• Work instructions: Each entry is to be given again precisely, and no picture may be carried over.

• Supplied data:
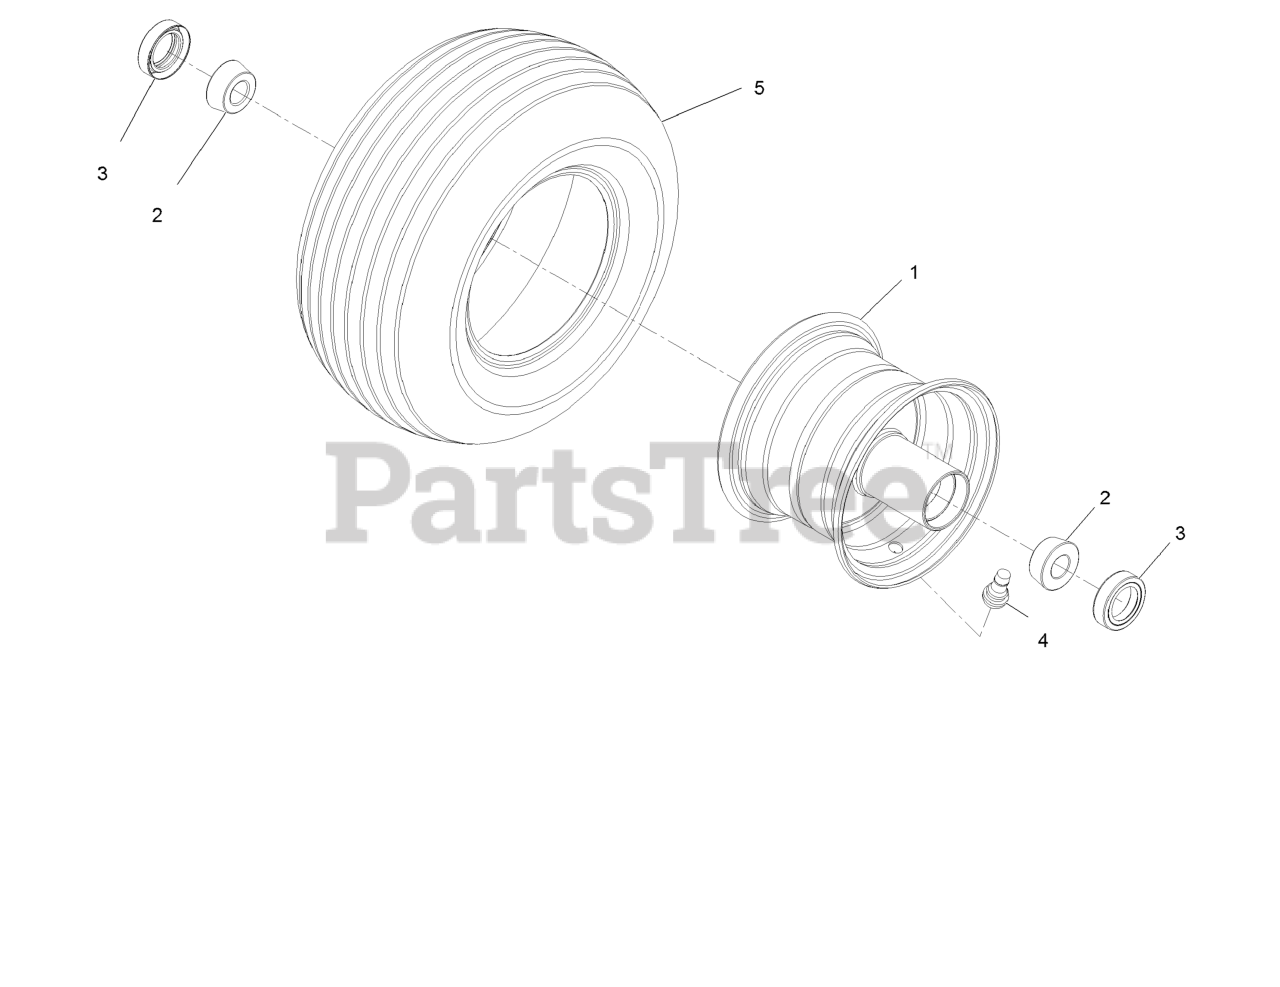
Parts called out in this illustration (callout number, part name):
1	RIM-6 X 4.5
2	BEARING-CONE, TAPERED ROLLER
3	SEAL-CASTER
4	VALVE
5	TIRE-RIB

• Your response:
Parts called out in this illustration (callout number, part name):
1	RIM-6 X 4.5
2	BEARING-CONE, TAPERED ROLLER
3	SEAL-CASTER
4	VALVE
5	TIRE-RIB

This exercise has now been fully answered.